(Source data)
########################################

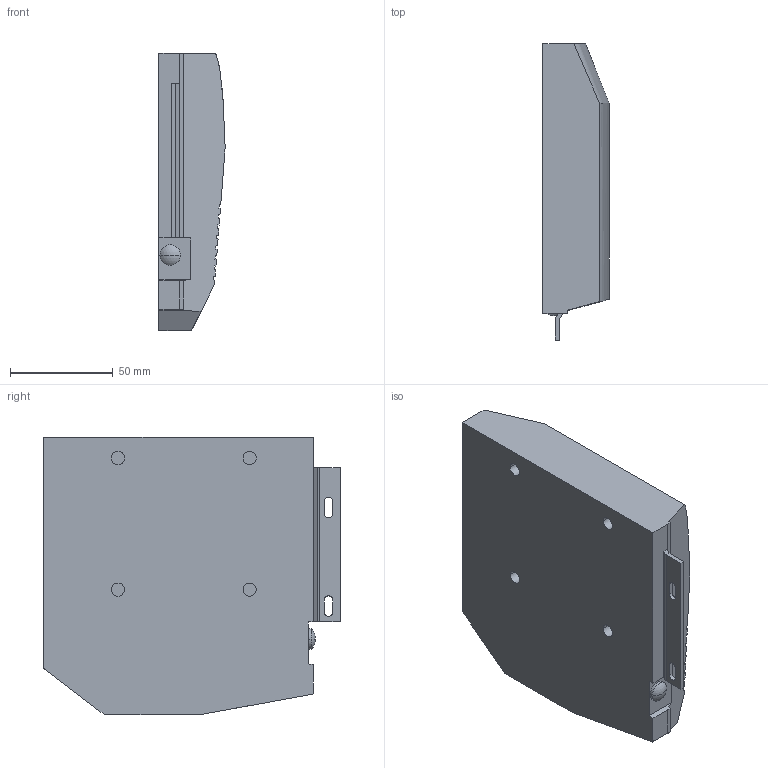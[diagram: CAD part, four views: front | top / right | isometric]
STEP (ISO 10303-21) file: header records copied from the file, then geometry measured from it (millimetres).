
FILE_DESCRIPTION (( 'STEP AP203' ), '1' );
FILE_NAME ('Kinvaro_T-65_links_D2672523325~0.step', '2012-05-04T06:46:28', ( 'admin' ), ( 'Hewlett-Packard Company' ), 'SwSTEP 2.0', 'SolidWorks 2011', '' );
FILE_SCHEMA (( 'CONFIG_CONTROL_DESIGN' ));
Length unit declared in the file: millimetre
Products named in the file (1): Kinvaro_T-65_links_D2672523325~0
Bounding box: 32.21 x 144.04 x 134.7 mm (x, y, z)
Volume: 463256.2 mm3; surface area: 51213.2 mm2
Topology: 1 solids, 1 shells, 109 faces, 299 edges, 197 vertices
Faces by surface type: plane 87, cylinder 18, sphere 2, bspline 2
Entity records: 3687 total; most frequent: CARTESIAN_POINT 823, ORIENTED_EDGE 598, DIRECTION 541, EDGE_CURVE 299, VECTOR 255, LINE 255, VERTEX_POINT 197, AXIS2_PLACEMENT_3D 143
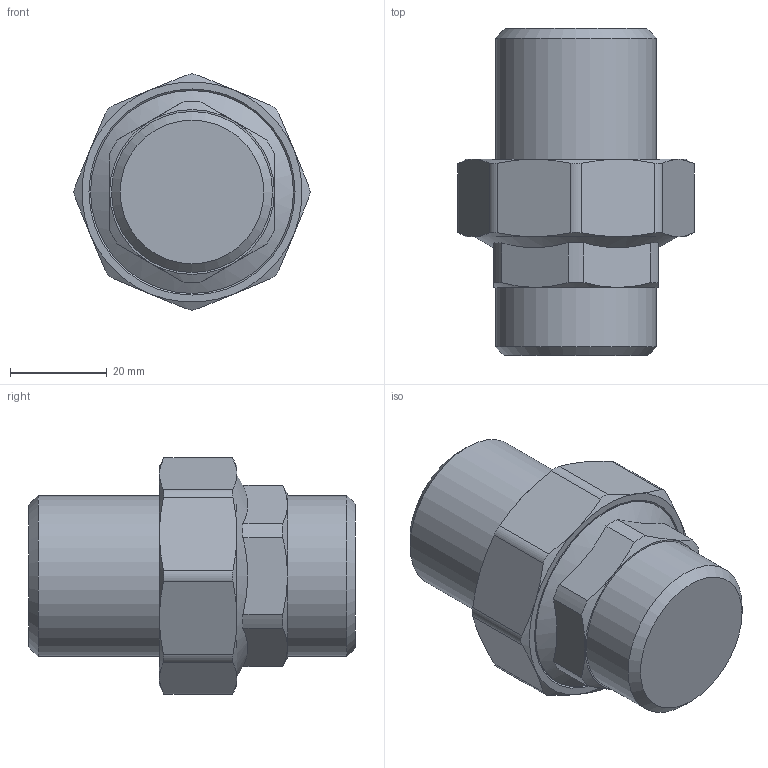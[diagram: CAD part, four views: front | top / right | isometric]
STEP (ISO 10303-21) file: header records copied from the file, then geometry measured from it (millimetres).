
FILE_DESCRIPTION(('STEP AP203'), '1');
FILE_NAME('覆.302612.027.000 捘 - VTr.728.N.0006', '2024-07-19T07:23:11', ('Boss'), (''), 'C3D Converter', 'C3D Toolkit', '');
FILE_SCHEMA(('CONFIG_CONTROL_DESIGN'));
Length unit declared in the file: millimetre
Products named in the file (1): ВР.302612.027.000 СБ
Bounding box: 48.75 x 67.46 x 48.75 mm (x, y, z)
Volume: 73132.8 mm3; surface area: 11563.1 mm2
Topology: 1 solids, 1 shells, 65 faces, 150 edges, 91 vertices
Faces by surface type: cone 27, plane 20, cylinder 18
Full cylindrical faces by diameter (mm): 33.249 x2, 34 x1, 41.91 x1
Entity records: 3569 total; most frequent: CARTESIAN_POINT 2216, ORIENTED_EDGE 280, DIRECTION 249, EDGE_CURVE 140, AXIS2_PLACEMENT_3D 110, VERTEX_POINT 90, EDGE_LOOP 76, B_SPLINE_CURVE_WITH_KNOTS 66
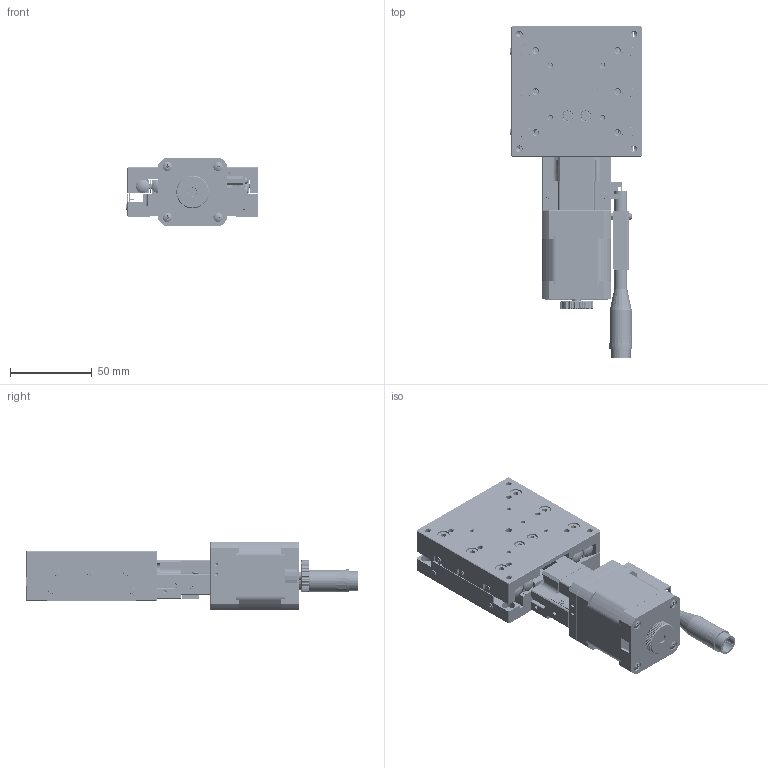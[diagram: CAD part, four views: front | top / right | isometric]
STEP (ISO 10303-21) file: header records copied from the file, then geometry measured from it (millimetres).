
FILE_DESCRIPTION (( 'STEP AP214' ), '1' );
FILE_NAME ('TXA8030B-L2-M42R.STEP', '2025-01-03T10:57:27', ( '' ), ( '' ), 'SwSTEP 2.0', 'SolidWorks 2020', '' );
FILE_SCHEMA (( 'AUTOMOTIVE_DESIGN' ));
Length unit declared in the file: millimetre
Products named in the file (1): TXA8030B-L2-M42R
Bounding box: 80.71 x 202.75 x 42.13 mm (x, y, z)
Volume: 239279.2 mm3; surface area: 118719.4 mm2
Topology: 75 solids, 75 shells, 4496 faces, 10980 edges, 6744 vertices
Faces by surface type: cone 1694, plane 1690, cylinder 806, bspline 154, torus 144, sphere 8
Entity records: 193311 total; most frequent: CARTESIAN_POINT 36145, DIRECTION 22907, ORIENTED_EDGE 21852, EDGE_CURVE 10926, AXIS2_PLACEMENT_3D 8424, VERTEX_POINT 6744, VECTOR 6059, LINE 6059

########################################

▶ [WHAT YOU ARE ASKED TO DO] The data above must be written out again word for word, without its pictures.

▶ [WRITTEN ANSWER]
[diagram: CAD part, four views: front | top / right | isometric]
STEP (ISO 10303-21) file: header records copied from the file, then geometry measured from it (millimetres).
FILE_DESCRIPTION (( 'STEP AP203' ), '1' );
FILE_NAME ('Kinvaro_T-65_links_D2672523325~0.step', '2012-05-04T06:46:28', ( 'admin' ), ( 'Hewlett-Packard Company' ), 'SwSTEP 2.0', 'SolidWorks 2011', '' );
FILE_SCHEMA (( 'CONFIG_CONTROL_DESIGN' ));
Length unit declared in the file: millimetre
Products named in the file (1): Kinvaro_T-65_links_D2672523325~0
Bounding box: 32.21 x 144.04 x 134.7 mm (x, y, z)
Volume: 463256.2 mm3; surface area: 51213.2 mm2
Topology: 1 solids, 1 shells, 109 faces, 299 edges, 197 vertices
Faces by surface type: plane 87, cylinder 18, sphere 2, bspline 2
Entity records: 3687 total; most frequent: CARTESIAN_POINT 823, ORIENTED_EDGE 598, DIRECTION 541, EDGE_CURVE 299, VECTOR 255, LINE 255, VERTEX_POINT 197, AXIS2_PLACEMENT_3D 143
[diagram: CAD part, four views: front | top / right | isometric]
STEP (ISO 10303-21) file: header records copied from the file, then geometry measured from it (millimetres).
FILE_DESCRIPTION(('STEP AP203'), '1');
FILE_NAME('覆.302612.027.000 捘 - VTr.728.N.0006', '2024-07-19T07:23:11', ('Boss'), (''), 'C3D Converter', 'C3D Toolkit', '');
FILE_SCHEMA(('CONFIG_CONTROL_DESIGN'));
Length unit declared in the file: millimetre
Products named in the file (1): ВР.302612.027.000 СБ
Bounding box: 48.75 x 67.46 x 48.75 mm (x, y, z)
Volume: 73132.8 mm3; surface area: 11563.1 mm2
Topology: 1 solids, 1 shells, 65 faces, 150 edges, 91 vertices
Faces by surface type: cone 27, plane 20, cylinder 18
Full cylindrical faces by diameter (mm): 33.249 x2, 34 x1, 41.91 x1
Entity records: 3569 total; most frequent: CARTESIAN_POINT 2216, ORIENTED_EDGE 280, DIRECTION 249, EDGE_CURVE 140, AXIS2_PLACEMENT_3D 110, VERTEX_POINT 90, EDGE_LOOP 76, B_SPLINE_CURVE_WITH_KNOTS 66
[diagram: CAD part, four views: front | top / right | isometric]
STEP (ISO 10303-21) file: header records copied from the file, then geometry measured from it (millimetres).
FILE_DESCRIPTION (( 'STEP AP214' ), '1' );
FILE_NAME ('TXA8030B-L2-M42R.STEP', '2025-01-03T10:57:27', ( '' ), ( '' ), 'SwSTEP 2.0', 'SolidWorks 2020', '' );
FILE_SCHEMA (( 'AUTOMOTIVE_DESIGN' ));
Length unit declared in the file: millimetre
Products named in the file (1): TXA8030B-L2-M42R
Bounding box: 80.71 x 202.75 x 42.13 mm (x, y, z)
Volume: 239279.2 mm3; surface area: 118719.4 mm2
Topology: 75 solids, 75 shells, 4496 faces, 10980 edges, 6744 vertices
Faces by surface type: cone 1694, plane 1690, cylinder 806, bspline 154, torus 144, sphere 8
Entity records: 193311 total; most frequent: CARTESIAN_POINT 36145, DIRECTION 22907, ORIENTED_EDGE 21852, EDGE_CURVE 10926, AXIS2_PLACEMENT_3D 8424, VERTEX_POINT 6744, VECTOR 6059, LINE 6059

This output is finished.